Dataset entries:
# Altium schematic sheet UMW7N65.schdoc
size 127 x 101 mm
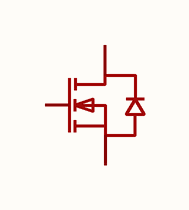
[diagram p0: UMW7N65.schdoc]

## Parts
Q?  7n65f_c347321  [TO-220F-3_L10.2-W4.7-P2.54-L]  (value not drawn)

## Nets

Not connected (* = marked no-connect by the designer): Q? 1(G) 2(D) 3(S)

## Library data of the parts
Q? = 7n65f_c347321: 数量:1个N沟道;漏源电压(Vdss):650V;连续漏极电流(Id):7A;导通电阻(RDS(on)):1.1Ω@10V;耗散功率(Pd):83W;阈值电压(Vgs(th)):4V@250uA;; Manufacturer: UMW(友台半导体); ManufacturerPart: 7N65F; Symbol: UMW7N65; AddInBom: yes; ModelId: b5990cdf67854b65a85fdb5429325fb8; ModelTransform: 399.999,185.039,0,0,0,0,0,10.354,-118.11; Number: 1个N沟道; Drain to Source Voltage: 650V; Current - Continuous Drain(Id): 7A; Pd - Power Dissipation: 83W; Gate Charge(Qg): 28nC@10V; Input Capacitance(Ciss): 955pF; Reverse Transfer Capacitance (Crss@Vds): 11.3pF; Type: N沟道; Output Capacitance(Coss): 120pF

> PROMPT
Repeat each of the entries above exactly, but do not carry over the pictures.

> ANSWER FOR THE TASK
# Altium schematic sheet UMW7N65.schdoc
size 127 x 101 mm
[diagram p0: UMW7N65.schdoc]

## Parts
Q?  7n65f_c347321  [TO-220F-3_L10.2-W4.7-P2.54-L]  (value not drawn)

## Nets

Not connected (* = marked no-connect by the designer): Q? 1(G) 2(D) 3(S)

## Library data of the parts
Q? = 7n65f_c347321: 数量:1个N沟道;漏源电压(Vdss):650V;连续漏极电流(Id):7A;导通电阻(RDS(on)):1.1Ω@10V;耗散功率(Pd):83W;阈值电压(Vgs(th)):4V@250uA;; Manufacturer: UMW(友台半导体); ManufacturerPart: 7N65F; Symbol: UMW7N65; AddInBom: yes; ModelId: b5990cdf67854b65a85fdb5429325fb8; ModelTransform: 399.999,185.039,0,0,0,0,0,10.354,-118.11; Number: 1个N沟道; Drain to Source Voltage: 650V; Current - Continuous Drain(Id): 7A; Pd - Power Dissipation: 83W; Gate Charge(Qg): 28nC@10V; Input Capacitance(Ciss): 955pF; Reverse Transfer Capacitance (Crss@Vds): 11.3pF; Type: N沟道; Output Capacitance(Coss): 120pF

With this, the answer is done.